Stored entries
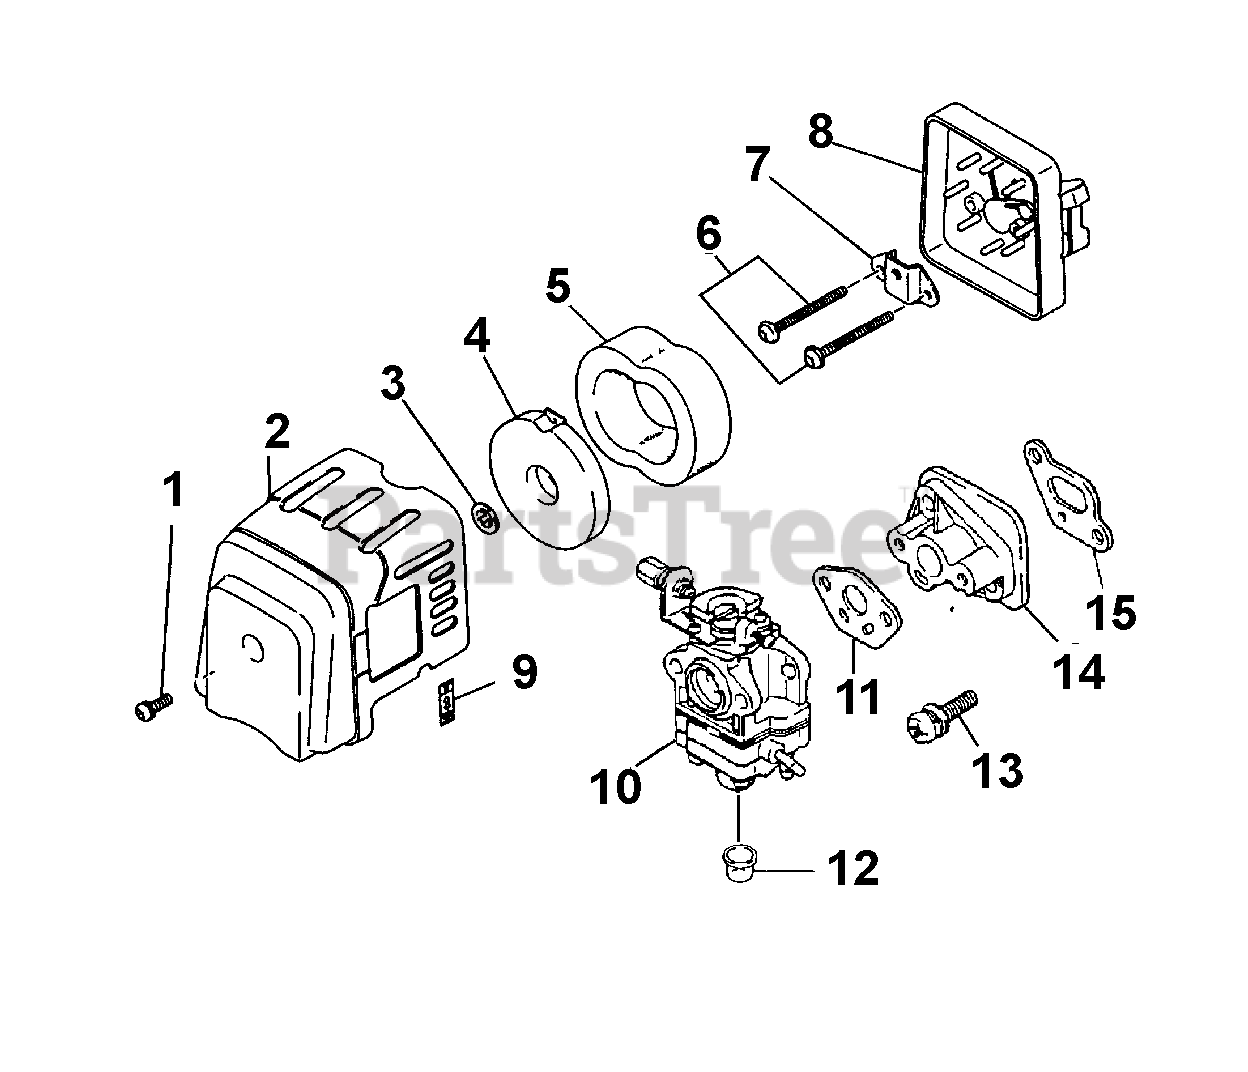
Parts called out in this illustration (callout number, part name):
1	Screw & Washer
2	Cover, Cleaner
3	Pal Nut
6	Screw & Washer
8	Base, Cleaner
9	Label, Choke
10	Carburetor
11	Gasket, Carburetor
12	Primer Bulb
13	Screw & Washer
14	Insulator
15	Gasket, Insulator
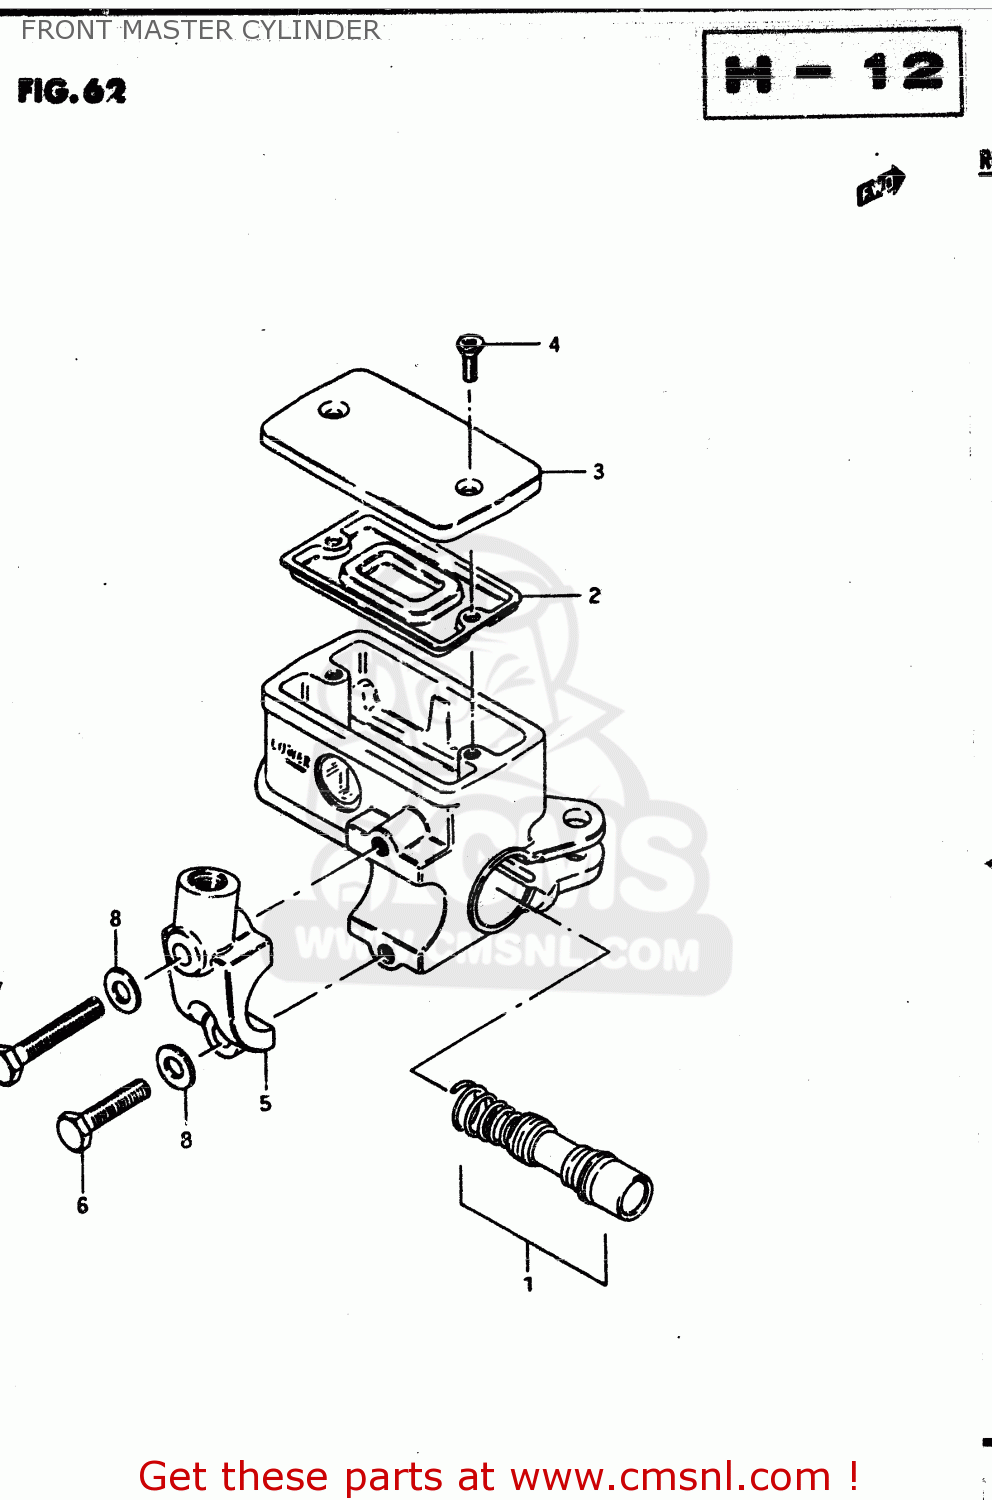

◆ **Task directions**
Print every line above exactly as given, but not the pictures.

◆ **Your solution**
Parts called out in this illustration (callout number, part name):
1	Screw & Washer
2	Cover, Cleaner
3	Pal Nut
6	Screw & Washer
8	Base, Cleaner
9	Label, Choke
10	Carburetor
11	Gasket, Carburetor
12	Primer Bulb
13	Screw & Washer
14	Insulator
15	Gasket, Insulator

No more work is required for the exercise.